Each bit is either 0 or 1. With 8 of them, we have 2^8 = 256 possible values. Since we also have to count zero itself, the largest possible value is 255. The data type we have now described is called uint8, where the u stands for unsigned: only positive values are allowed. If we want to allow negative numbers we use int8. The range then shifts to -128 to +127.

The same holds for bigger numbers. An int64 for example is a 64 bit unsigned integer with a range of -9223372036854775808 to 9223372036854775807. It is also the standard type on a 64 bits machine. You might think bigger is better. You’d be wrong. If you know the elements of your array are never going to be bigger than 100, why waste all the memory space? You might be better off setting your array to uint8 to conserve memory. In general however, the default setting is fine. Only when you run into memory related problems should you remember this comment.

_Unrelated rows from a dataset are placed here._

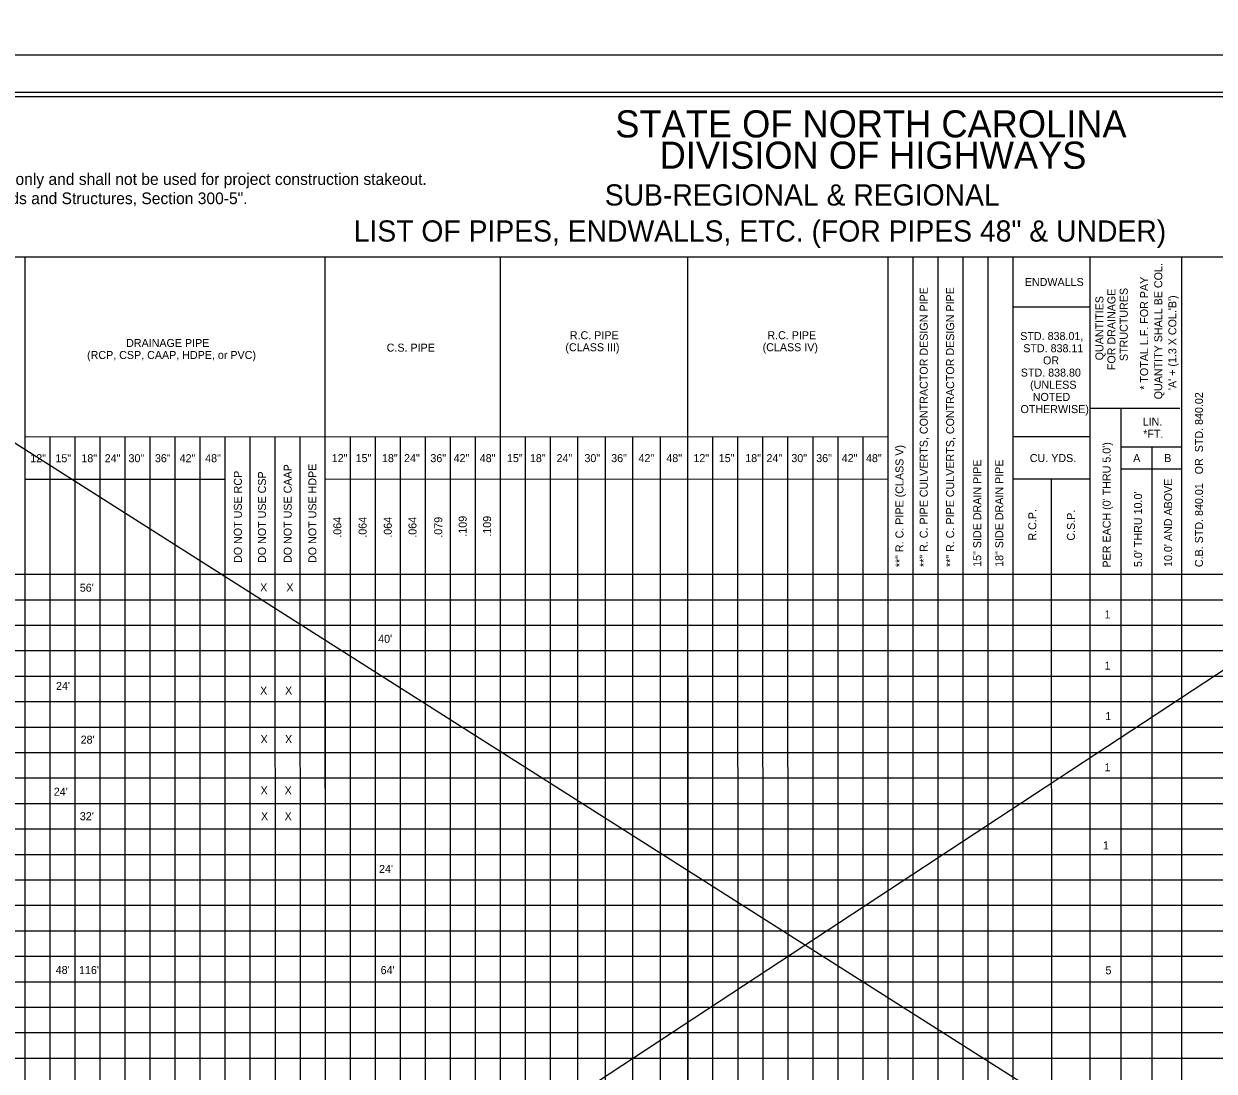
# Model space of a CAD drawing. Extents: x 573359 to 575895, y -54193 to -50493.
# Drawn here: x 574005 to 574719, y -52448 to -51820 of the extents above; entities that cross this region are included whole.
import ezdxf

# ---------------------------------------------------------------- set-up
doc = ezdxf.new("R2010")
doc.units = 0
for name, color, linetype in [('Prop Dimension Text', 7, 'Continuous'), ('Sheet Cutting Line CELL', 7, 'Continuous'), ('Sheet Pipe Summary CELL', 7, 'Continuous'), ('Sheet Pipe Summary Grid CELL', 7, 'Continuous'), ('Sheet Plot Border Inside CELL', 7, 'Continuous'), ('Sheet Plot Border Outside CELL', 7, 'Continuous')]:
    doc.layers.add(name, color=color, linetype=linetype)

msp = doc.modelspace()

# ---------------------------------------------------------------- linework, layer by layer
at = {"layer": 'Prop Dimension Text'}
for p, q in [((575553.79, -51662.96), (573359.5, -53105.6)), ((573527.78, -51771.9), (575540.59, -53049.47))]:
    msp.add_line(p, q, dxfattribs=at)
at = {"layer": 'Sheet Cutting Line CELL'}
msp.add_line((575302.66, -51839.08), (573618.66, -51839.08), dxfattribs=at)
at = {"layer": 'Sheet Pipe Summary CELL'}
msp.add_lwpolyline([(575285.66, -51864.08), (573785.66, -51864.08), (573785.66, -52914.08), (575285.66, -52914.08)], close=True, dxfattribs=at)
at = {"layer": 'Sheet Pipe Summary Grid CELL'}
for p, q in [((575285.66, -51960.18), (573785.66, -51960.28)), ((574006.38, -52914.07), (574006.33, -51960.27)), ((574186.38, -52914.06), (574186.33, -51960.25)), ((574291.38, -52914.06), (574291.33, -51960.25)), ((574403.93, -52913.96), (574403.83, -51960.16)), ((574523.93, -52913.97), (574523.83, -51960.17)), ((574538.93, -52913.97), (574538.83, -51960.17)), ((574553.93, -52913.97), (574553.83, -51960.17)), ((574568.93, -52913.97), (574568.83, -51960.17)), ((574583.93, -52913.97), (574583.83, -51960.17)), ((574598.93, -52913.97), (574598.83, -51960.17)), ((574598.88, -52914.02), (574598.83, -51960.17)), ((574598.93, -52913.97), (574598.83, -51960.17)), ((574645.18, -52914.02), (574645.08, -51960.22)), ((574700.18, -52914.02), (574700.08, -51960.22)), ((574700.18, -52914.02), (574700.08, -51960.22)), ((574645.08, -51990.17), (574598.83, -51990.17)), ((574698.83, -52050.92), (574645.09, -52050.92)), ((574663.78, -52914.02), (574663.68, -52050.92)), ((574523.84, -52068.05), (574006.34, -52068.12)), ((574021.38, -52914.07), (574021.34, -52068.12)), ((574036.38, -52914.07), (574036.34, -52068.12)), ((574051.38, -52914.07), (574051.34, -52068.12)), ((574066.38, -52914.07), (574066.34, -52068.11)), ((574081.38, -52914.07), (574081.34, -52068.11)), ((574096.38, -52914.07), (574096.34, -52068.11)), ((574111.38, -52914.07), (574111.34, -52068.11)), ((574126.38, -52914.07), (574126.34, -52068.11)), ((574141.38, -52914.06), (574141.34, -52068.11)), ((574156.38, -52914.06), (574156.34, -52068.11)), ((574171.38, -52914.06), (574171.34, -52068.11)), ((574201.38, -52914.06), (574201.34, -52068.11)), ((574216.38, -52914.06), (574216.34, -52068.09)), ((574231.38, -52914.06), (574231.34, -52068.11)), ((574246.38, -52914.06), (574246.34, -52068.08)), ((574261.38, -52914.06), (574261.34, -52068.1)), ((574276.38, -52914.06), (574276.34, -52068.08)), ((574291.38, -52914.06), (574291.34, -52068.1)), ((574306.38, -52914.06), (574306.34, -52068.08)), ((574321.38, -52914.05), (574321.34, -52068.08)), ((574337.88, -52914.05), (574337.84, -52068.07)), ((574354.38, -52914.05), (574354.34, -52068.07)), ((574370.88, -52914.05), (574370.84, -52068.07)), ((574387.38, -52914.05), (574387.34, -52068.07)), ((574403.88, -52914.05), (574403.84, -52068.07)), ((574418.88, -52914.05), (574418.84, -52068.07)), ((574433.88, -52914.05), (574433.84, -52068.07)), ((574448.88, -52914.05), (574448.84, -52068.07)), ((574463.88, -52914.05), (574463.84, -52068.06)), ((574478.88, -52914.05), (574478.84, -52068.06)), ((574493.88, -52914.05), (574493.84, -52068.06)), ((574508.88, -52914.05), (574508.84, -52068.06)), ((574523.88, -52914.04), (574523.84, -52068.06)), ((574645.08, -52068.02), (574598.83, -52068.02)), ((574700.08, -52074.12), (574663.68, -52074.12)), ((574682.33, -52914.02), (574682.23, -52074.12)), ((574700.08, -52087.32), (574663.68, -52087.32)), ((574126.34, -52093.49), (574006.34, -52093.5)), ((574523.84, -52093.45), (574186.34, -52093.49)), ((574186.38, -52914.06), (574186.34, -52093.49)), ((574645.08, -52093.42), (574598.83, -52093.42)), ((574622.03, -52914.02), (574621.98, -52093.42)), ((575285.66, -52150.58), (573785.66, -52150.58)), ((575285.66, -52165.88), (573785.66, -52165.88)), ((575285.66, -52181.13), (573785.66, -52181.13)), ((575285.66, -52196.38), (573785.66, -52196.38)), ((575285.66, -52211.68), (573785.66, -52211.68)), ((575285.66, -52226.93), (573785.66, -52226.93)), ((575285.66, -52242.23), (573785.66, -52242.23)), ((575285.66, -52257.48), (573785.66, -52257.48)), ((575285.66, -52272.73), (573785.66, -52272.73)), ((575285.66, -52288.03), (573785.66, -52288.03)), ((575285.66, -52303.28), (573785.66, -52303.28)), ((575285.66, -52318.58), (573785.66, -52318.58)), ((575285.66, -52333.83), (573785.66, -52333.83)), ((575285.66, -52349.08), (573785.66, -52349.08)), ((575285.66, -52364.38), (573785.66, -52364.38)), ((575285.66, -52379.63), (573785.66, -52379.63)), ((575285.66, -52394.93), (573785.66, -52394.93)), ((575285.66, -52410.18), (573785.66, -52410.18)), ((575285.66, -52425.43), (573785.66, -52425.43)), ((575285.66, -52440.73), (573785.66, -52440.73))]:
    msp.add_line(p, q, dxfattribs=at)
at = {"layer": 'Sheet Plot Border Inside CELL'}
msp.add_lwpolyline([(573631.66, -52916.63), (575298.16, -52916.63), (575298.16, -51861.53), (573631.66, -51861.53)], close=True, dxfattribs=at)
at = {"layer": 'Sheet Plot Border Outside CELL'}
msp.add_lwpolyline([(573618.66, -52939.08), (575302.66, -52939.08), (575302.66, -51839.08), (573618.66, -51839.08)], close=True, dxfattribs=at)

# ---------------------------------------------------------------- texts
at = {"layer": 'Prop Dimension Text'}
for s, p in [("56'", (574039.08, -52160.86)), ('X', (574147.23, -52160.69)), ('X', (574162.98, -52160.69)), ('1', (574653.67, -52176.91)), ("40'", (574218.03, -52191.5)), ('1', (574653.67, -52207.59)), ("24'", (574024.79, -52219.78)), ('X', (574147.23, -52222.52)), ('X', (574162.2, -52222.52)), ('1', (574654.16, -52237.83)), ("28'", (574039.58, -52251.97)), ('X', (574147.5, -52251.67)), ('X', (574162.2, -52251.67)), ('1', (574653.67, -52268.55)), ("24'", (574023.49, -52283.18)), ('X', (574147.5, -52282.38)), ('X', (574161.93, -52282.38)), ("32'", (574039.1, -52297.87)), ('X', (574147.76, -52297.87)), ('X', (574161.93, -52297.87)), ('1', (574652.7, -52315.36)), ("24'", (574218.58, -52329.5)), ("48'", (574024.63, -52390.05)), ("116'", (574038.62, -52390.12)), ("64'", (574219.51, -52390.17)), ('5', (574654.26, -52390.27))]:
    msp.add_text(s, height=4.8, dxfattribs=at).set_placement(p)
at = {"layer": 'Sheet Pipe Summary CELL'}
for s, height, p in [('STATE OF NORTH CAROLINA', 16.2501, (574360.26, -51888.48)), ('DIVISION OF HIGHWAYS', 16.2501, (574386.86, -51907.23)), ('NOTE: Invert Elevations are for Bid Purposes only and shall not be used for project construction stakeout.', 7, (573809.57, -51916.95)), ('SUB-REGIONAL & REGIONAL', 12.6999, (574353.92, -51929.31)), ('See "Standard Specifications For Roads and Structures, Section 300-5".', 7, (573840.1, -51928.48)), ('LIST OF PIPES, ENDWALLS, ETC. (FOR PIPES 48" & UNDER)', 12.6999, (574203.36, -51950.93)), ('ENDWALLS', 4.8, (574605.88, -51977.57)), ('R.C. PIPE', 4.8, (574333.01, -52009.48)), ('R.C. PIPE', 4.8, (574451.47, -52009.48)), ('STD. 838.01,', 4.8, (574603.15, -52009.97)), ('DRAINAGE PIPE', 4.8, (574066.85, -52014.12)), ('C.S. PIPE', 4.8, (574223.14, -52016.92)), ('(CLASS III)', 4.8, (574330.32, -52016.68)), ('(CLASS IV)', 4.8, (574448.63, -52016.68)), ('STD. 838.11', 4.8, (574604.95, -52017.27)), ('(RCP, CSP, CAAP, HDPE, or PVC)', 4.8, (574043.44, -52021.32)), ('OR', 4.8, (574616.8, -52024.57)), ('STD. 838.80', 4.8, (574603.48, -52031.87)), ('(UNLESS', 4.8, (574609.05, -52039.17)), ('NOTED', 4.8, (574610.65, -52046.47)), ('OTHERWISE)', 4.8, (574603.3, -52053.77)), ('LIN.', 4.8, (574676.58, -52061.27)), ('*FT.', 4.8, (574676.88, -52068.57)), ('12"', 4.8, (574009.38, -52083.22)), ('15"', 4.8, (574024.45, -52083.22)), ('18"', 4.8, (574040.03, -52083.22)), ('24"', 4.8, (574054.01, -52083.22)), ('30"', 4.8, (574068.31, -52083.22)), ('36"', 4.8, (574084.14, -52083.22)), ('42"', 4.8, (574098.95, -52083.22)), ('48"', 4.8, (574114.27, -52083.22)), ('12"', 4.8, (574190.17, -52083.17)), ('15"', 4.8, (574204.53, -52083.17)), ('18"', 4.8, (574220.32, -52083.17)), ('24"', 4.8, (574233.56, -52083.17)), ('36"', 4.8, (574249.35, -52083.17)), ('42"', 4.8, (574263.29, -52083.17)), ('48"', 4.8, (574278.96, -52083.17)), ('15"', 4.8, (574295.28, -52083.16)), ('18"', 4.8, (574309.06, -52083.16)), ('24"', 4.8, (574325.04, -52083.16)), ('30"', 4.8, (574341.76, -52083.16)), ('36"', 4.8, (574357.8, -52083.16)), ('42"', 4.8, (574374.18, -52083.16)), ('48"', 4.8, (574390.9, -52083.16)), ('12"', 4.8, (574407.11, -52083.16)), ('15"', 4.8, (574422.32, -52083.16)), ('18"', 4.8, (574438.22, -52083.16)), ('24"', 4.8, (574450.94, -52083.16)), ('30"', 4.8, (574465.85, -52083.16)), ('36"', 4.8, (574480.77, -52083.16)), ('42"', 4.8, (574496.05, -52083.16)), ('48"', 4.8, (574510.61, -52083.16)), ('CU. YDS.', 4.8, (574608.88, -52083.12)), ('A', 4.8, (574670.88, -52083.12)), ('B', 4.8, (574689.48, -52083.12))]:
    msp.add_text(s, height=height, dxfattribs=at).set_placement(p)
for s, height, rotation, p in [('QUANTITY SHALL BE COL.', 4.8, 90, (574688.33, -52045.52)), ('* TOTAL L.F. FOR PAY', 4.8, 90, (574679.83, -52039.77)), ('**" R. C. PIPE CULVERTS, CONTRACTOR DESIGN PIPE', 4.8, 90, (574547.66, -52146.05)), ('**" R. C. PIPE CULVERTS, CONTRACTOR DESIGN PIPE', 4.8, 90, (574563.49, -52146.05)), ('QUANTITIES', 4.8, 90, (574653.03, -52022.12)), ('FOR DRAINAGE', 4.8, 90, (574660.23, -52028.02)), ('STRUCTURES', 4.8, 90, (574667.63, -52022.57)), ("'A' + (1.3 X COL.'B')", 4.8, 90, (574696.78, -52039.97)), ('C.B. STD. 840.01   OR  STD. 840.02', 4.8, 90, (574712.73, -52146.12)), ('**" R. C. PIPE (CLASS V)', 4.8, 90, (574533.1, -52146.15)), ("PER EACH (0' THRU 5.0')", 4.7986, 90.03687, (574657.38, -52146.37)), ('15" SIDE DRAIN PIPE', 4.8, 90, (574579.71, -52145.95)), ('18" SIDE DRAIN PIPE', 4.8, 90, (574592.95, -52145.95)), ('DO NOT USE RCP', 4.8, 90, (574136.28, -52143.63)), ('DO NOT USE CSP', 4.8, 90, (574150.74, -52143.63)), ('DO NOT USE CAAP', 4.8, 90, (574166.16, -52143.63)), ('DO NOT USE HDPE', 4.8, 90, (574180.97, -52143.63)), ("10.0' AND ABOVE", 4.8, 90, (574694.23, -52146.02)), ("5.0' THRU 10.0'", 4.8, 90, (574676.18, -52146.07)), ('R.C.P.', 4.8, 90, (574612.78, -52130.22)), ('C.S.P.', 4.8, 90, (574635.93, -52130.22)), ('.064', 4.8, 90, (574195.95, -52128.49)), ('.064', 4.8, 90, (574211.08, -52128.49)), ('.064', 4.8, 90, (574226.21, -52128.49)), ('.064', 4.8, 90, (574241.02, -52128.49)), ('.079', 4.8, 90, (574256.48, -52128.47)), ('.109', 4.8, 90, (574271.11, -52127.87)), ('.109', 4.8, 90, (574285.76, -52127.87))]:
    msp.add_text(s, height=height, rotation=rotation, dxfattribs=at).set_placement(p)

doc.saveas('drawing.dxf')

What happens when you set numbers bigger than the maximum value of your dtype?

>>> import numpy as np
>>> a = np.array([200], dtype='uint8')
>>> a + a
array([144], dtype=uint8)

That doesn’t seem right, does it? If you add two uint8, the result of 200 + 200 cannot be 400, because that doesn’t fit in a uint8. In standard Python, Python does a lot of magic in the background to make sure the result is the 400 you would expect. But numpy doesn’t, and will return 144. Why 144 is left as an exercise. To fix this, you should make sure that your numbers where not stored as uint8, but as something larger; uint16 for example. That way the resulting 400 will fit.

>>> import numpy as np
>>> a = np.array([200], dtype='uint16')
>>> a + a
array([400], dtype=uint16)

By now you must be thinking: so bigger is better after all! Just use the biggest possible int all the time, and you’ll be fine! Apart from the fact that there is no biggest int, there is a bigger problem. If you work with images, each pixel from that image is stored as an RGB tuple: the intensity in red, green and blue. Each of these is a uint8 value for most standard formats such as .jpg and .png. For example, (0, 0, 0) will be black, and (255, 0, 0) is red. This means that when you load an image from your hard drive this dtype is selected for you, and if you are not aware of this, what will happen when you add an image to itself? (In other words, place two copies on top of each other) You might expect that everything will become more dense. Instead, you’ll get noise because of the effect we just talked about.

6.6. Changing dtype

To change the dtype of an existing array, you can use the astype method:

>>> import numpy as np
>>> a = np.array([200], dtype='uint8')
>>> a.astype('uint64')

6.7. Advanced Usage

Numpy has vast capabilities. It has way too many options to discuss here. More information can be found in

  1. the Quickstart Numpy Tutorial;
  2. the Numpy indexing documentation (for advanced slicing and indexing);
  3. and the Numpy broadcasting rules (for what happens when performing operations between arrays of different shapes and sizes).

6.8. Excercises

  1. Make an array with dtype = uint8 and elements of your choosing. Keep adding to it until (one of) the items go over 255. What happens? Hint: make an array, and just add a constant to it. The constant will be added to all the items of the array element-wise.

  2. Use a mask to multiply all values below 100 in the following list by 2:

    >>> a = np.array([230, 10, 284, 39, 76])
    

    Repeat this until all values are above 100. (Not manually, but by looping)

    Then, select all values between 150 < a < 200.